Section 230 has become a lightning rod for social media criticism in recent years. The statute, passed into law in 1996, essentially shields the owners of websites that host third-party content from users—such as web forums, comment sections, and social media—from certain liability.
Scholars widely credit Section 230 as intrinsic to the growth and maturation of the modern web: It’s given website owners breathing room to exercise their legal right, protected by the First Amendment, to moderate content as they see fit. And it’s propped up Silicon Valley’s largest companies who depend on user-generated posts, photos, videos, comments, reviews, recommendations, and much more, to grow.
But tech’s critics have searched far and wide for a way to rein in social media companies that they feel have grown too powerful, and are abusing that power. American politicians as ideologically varied as Republican senator Josh Hawley and Democratic senator Amy Klobuchar have introduced bills to amend Section 230. This week, president Joe Biden wrote in the Wall Street Journal that Congress must “fundamentally reform Section 230 of the Communications Decency Act, which protects tech companies from legal responsibility for content posted on their sites.”
In its lawsuit, Seattle Public Schools claims that Meta, Alphabet, Snap, and ByteDance cannot hide behind Section 230 for what their algorithms have chosen to promote, effectively asking a federal court to weigh in on liability for “recommending and promoting harmful content to youth,” as the complaint puts it.
That question is worth asking, but there’s one caveat—it’s already an issue before the Supreme Court. (In a troubling sign for the law, justice Clarence Thomas has previously signaled that he thinks Section 230 needs to be re-evaluated.) Two cases related to Section 230—Gonzalez v. Google and Twitter in Goodbye—have put 230’s protections front-and-center before the Court’s justices this term.

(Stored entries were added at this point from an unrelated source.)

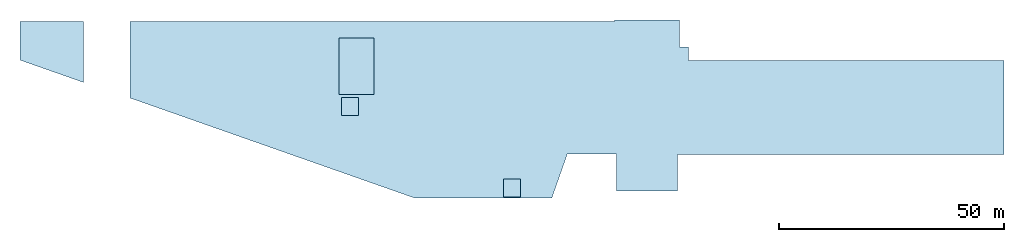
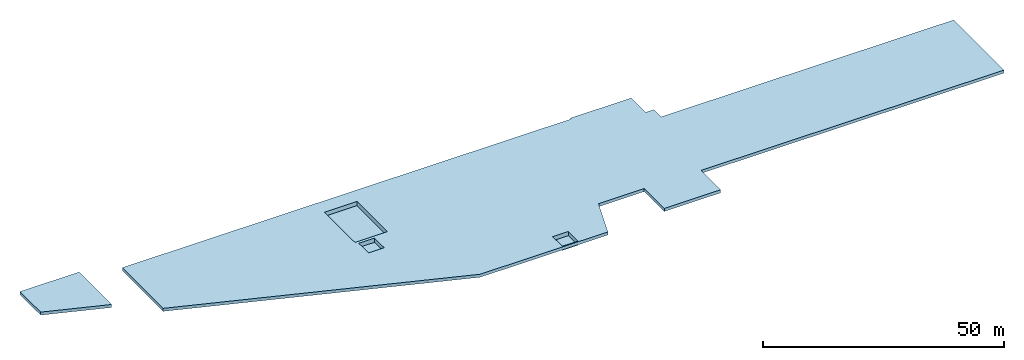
# One storey: 2 slabs.
"""IFC2X3 building model written with IfcOpenShell, lengths in millimetres."""

from ifc_helpers import new_model, si_unit, origin, place, context, project, spatial, faceted_brep, material, element, save


model = new_model("IFC2X3")

# Units and contexts
context_of_model = context(None, 3, precision=1e-05, world=origin())
ifc_project = project(units=[si_unit("LENGTHUNIT", "METRE", prefix="MILLI")], contexts=[context_of_model])

# Building, storey
building = spatial("IfcBuilding", under=ifc_project, Name="Building", CompositionType="ELEMENT")
storey = spatial("IfcBuildingStorey", under=building, Name="B1 SLAB", CompositionType="ELEMENT")

# Slabs
ifc_material_1 = material(Name="C4000")
slab_1_placement = place(None, origin())
element("IfcSlab", 1, at=slab_1_placement, inside=storey, material=ifc_material_1, Name="Wall170", PredefinedType="FLOOR", context=context_of_model, shape_type="Brep", body=[
    faceted_brep([(-133219.2, 36914.4, -2762.0), (-133219.2, 28348.1, -2762.0), (-133219.2, 28348.1, -2000.0), (-133219.2, 36914.4, -2000.0), (-119085.6, 23378.6, -2762.0), (-119085.6, 23378.6, -2000.0), (-119085.6, 36914.4, -2762.0), (-119085.6, 36914.4, -2000.0)], [[[0, 1, 2, 3]], [[1, 4, 5, 2]], [[4, 6, 7, 5]], [[6, 0, 3, 7]], [[3, 2, 5, 7]], [[0, 6, 4, 1]]]),
])
ifc_material_2 = material(Name="C4000")
slab_2_placement = place(None, origin())
element("IfcSlab", 2, at=slab_2_placement, inside=storey, material=ifc_material_2, Name="Wall212", PredefinedType="FLOOR", context=context_of_model, shape_type="Brep", body=[
    faceted_brep([(15250.0, 28250.0, -5262.0), (15250.0, 16000.0, -5262.0), (15250.0, 16000.0, -4500.0), (15250.0, 28250.0, -4500.0), (-2000.0, 16000.0, -5262.0), (-2000.0, 16000.0, -4500.0), (-2000.0, 31250.0, -5262.0), (-2000.0, 31250.0, -4500.0), (13250.0, 31250.0, -5262.0), (13250.0, 31250.0, -4500.0), (13250.0, 37250.0, -5262.0), (13250.0, 37250.0, -4500.0), (-1250.0, 37250.0, -5262.0), (-1250.0, 37250.0, -4500.0), (-1250.0, 36902.4, -5262.0), (-1250.0, 36902.4, -4500.0), (-108750.0, 36902.4, -5262.0), (-108750.0, 36902.4, -4500.0), (-108750.0, 19918.8, -5262.0), (-108750.0, 19918.8, -4500.0), (-45684.6, -2250.0, -5262.0), (-45684.6, -2250.0, -4500.0), (-15126.1, -2250.0, -5262.0), (-15126.1, -2250.0, -4500.0), (-11681.2, 7550.0, -5262.0), (-11681.2, 7550.0, -4500.0), (-750.0, 7550.0, -5262.0), (-750.0, 7550.0, -4500.0), (-750.0, -750.0, -5262.0), (-750.0, -750.0, -4500.0), (12000.0, -750.0, -5262.0), (12000.0, -750.0, -4500.0), (12750.0, -750.0, -5262.0), (12750.0, -750.0, -4500.0), (12750.0, 7350.0, -5262.0), (12750.0, 7350.0, -4500.0), (85250.0, 7350.0, -5262.0), (85250.0, 7350.0, -4500.0), (85250.0, 28250.0, -5262.0), (85250.0, 28250.0, -4500.0), (-61884.0, 20000.0, -5262.0), (-58116.0, 20000.0, -5262.0), (-58116.0, 20000.0, -4500.0), (-61884.0, 20000.0, -4500.0), (-58116.0, 16000.0, -5262.0), (-58116.0, 16000.0, -4500.0), (-61884.0, 16000.0, -5262.0), (-61884.0, 16000.0, -4500.0), (-62418.0, 20700.0, -5262.0), (-62418.0, 33300.0, -5262.0), (-62418.0, 33300.0, -4500.0), (-62418.0, 20700.0, -4500.0), (-54650.0, 33300.0, -5262.0), (-54650.0, 33300.0, -4500.0), (-54650.0, 20700.0, -5262.0), (-54650.0, 20700.0, -4500.0), (-25884.0, 2000.0, -5262.0), (-22116.0, 2000.0, -5262.0), (-22116.0, 2000.0, -4500.0), (-25884.0, 2000.0, -4500.0), (-22116.0, -2000.0, -5262.0), (-22116.0, -2000.0, -4500.0), (-25884.0, -2000.0, -5262.0), (-25884.0, -2000.0, -4500.0), (-61884.0, 20000.0, -5566.8), (-61884.0, 16000.0, -5566.8), (-61884.0, 16000.0, -4500.0), (-61884.0, 20000.0, -4500.0), (-58116.0, 16000.0, -5566.8), (-58116.0, 16000.0, -4500.0), (-58116.0, 20000.0, -5566.8), (-58116.0, 20000.0, -4500.0), (13250.0, 31250.0, -5566.8), (-2000.0, 31250.0, -5566.8), (-2000.0, 31250.0, -4500.0), (13250.0, 31250.0, -4500.0), (-2000.0, 16000.0, -5566.8), (-2000.0, 16000.0, -4500.0), (15250.0, 16000.0, -5566.8), (15250.0, 16000.0, -4500.0), (15250.0, 28250.0, -5566.8), (15250.0, 28250.0, -4500.0), (15250.0, 31250.0, -5566.8), (15250.0, 31250.0, -4500.0), (-62418.0, 20700.0, -5566.8), (-54650.0, 20700.0, -5566.8), (-54650.0, 20700.0, -4500.0), (-62418.0, 20700.0, -4500.0), (-54650.0, 33300.0, -5566.8), (-54650.0, 33300.0, -4500.0), (-62418.0, 33300.0, -5566.8), (-62418.0, 33300.0, -4500.0), (-25884.0, 2000.0, -5566.8), (-25884.0, -2000.0, -5566.8), (-25884.0, -2000.0, -4500.0), (-25884.0, 2000.0, -4500.0), (-22116.0, -2000.0, -5566.8), (-22116.0, -2000.0, -4500.0), (-22116.0, 2000.0, -5566.8), (-22116.0, 2000.0, -4500.0)], [[[0, 1, 2, 3]], [[1, 4, 5, 2]], [[4, 6, 7, 5]], [[6, 8, 9, 7]], [[8, 10, 11, 9]], [[10, 12, 13, 11]], [[12, 14, 15, 13]], [[14, 16, 17, 15]], [[16, 18, 19, 17]], [[18, 20, 21, 19]], [[20, 22, 23, 21]], [[22, 24, 25, 23]], [[24, 26, 27, 25]], [[26, 28, 29, 27]], [[28, 30, 31, 29]], [[30, 32, 33, 31]], [[32, 34, 35, 33]], [[34, 36, 37, 35]], [[36, 38, 39, 37]], [[38, 0, 3, 39]], [[40, 41, 42, 43]], [[41, 44, 45, 42]], [[44, 46, 47, 45]], [[46, 40, 43, 47]], [[48, 49, 50, 51]], [[49, 52, 53, 50]], [[52, 54, 55, 53]], [[54, 48, 51, 55]], [[56, 57, 58, 59]], [[57, 60, 61, 58]], [[60, 62, 63, 61]], [[62, 56, 59, 63]], [[3, 2, 5, 7, 9, 11, 13, 15, 17, 19, 21, 23, 25, 27, 29, 31, 33, 35, 37, 39], [43, 42, 45, 47], [51, 50, 53, 55], [59, 58, 61, 63]], [[0, 38, 36, 34, 32, 30, 28, 26, 24, 22, 20, 18, 16, 14, 12, 10, 8, 6, 4, 1], [40, 46, 44, 41], [48, 54, 52, 49], [56, 62, 60, 57]], [[64, 65, 66, 67]], [[65, 68, 69, 66]], [[68, 70, 71, 69]], [[70, 64, 67, 71]], [[67, 66, 69, 71]], [[64, 70, 68, 65]], [[72, 73, 74, 75]], [[73, 76, 77, 74]], [[76, 78, 79, 77]], [[78, 80, 81, 79]], [[80, 82, 83, 81]], [[82, 72, 75, 83]], [[75, 74, 77, 79, 81, 83]], [[72, 82, 80, 78, 76, 73]], [[84, 85, 86, 87]], [[85, 88, 89, 86]], [[88, 90, 91, 89]], [[90, 84, 87, 91]], [[87, 86, 89, 91]], [[84, 90, 88, 85]], [[92, 93, 94, 95]], [[93, 96, 97, 94]], [[96, 98, 99, 97]], [[98, 92, 95, 99]], [[95, 94, 97, 99]], [[92, 98, 96, 93]]]),
])

save(model, "model.ifc")

The two cases largely assess whether Section 230 protects Google-owned YouTube as well as Twitter from legal liability under US anti-terrorism laws, with a focus on the role their algorithms play in recommending ISIS recruiting content to users.
Granick said that while algorithms can be controversial, they are inseparable from how social media companies exercise their legal right to moderate content. “An algorithm is just an automated way of putting policies in place,” she said. “That’s how they take down hate speech. That’s how they take down misinformation. That’s how they take down harassment.”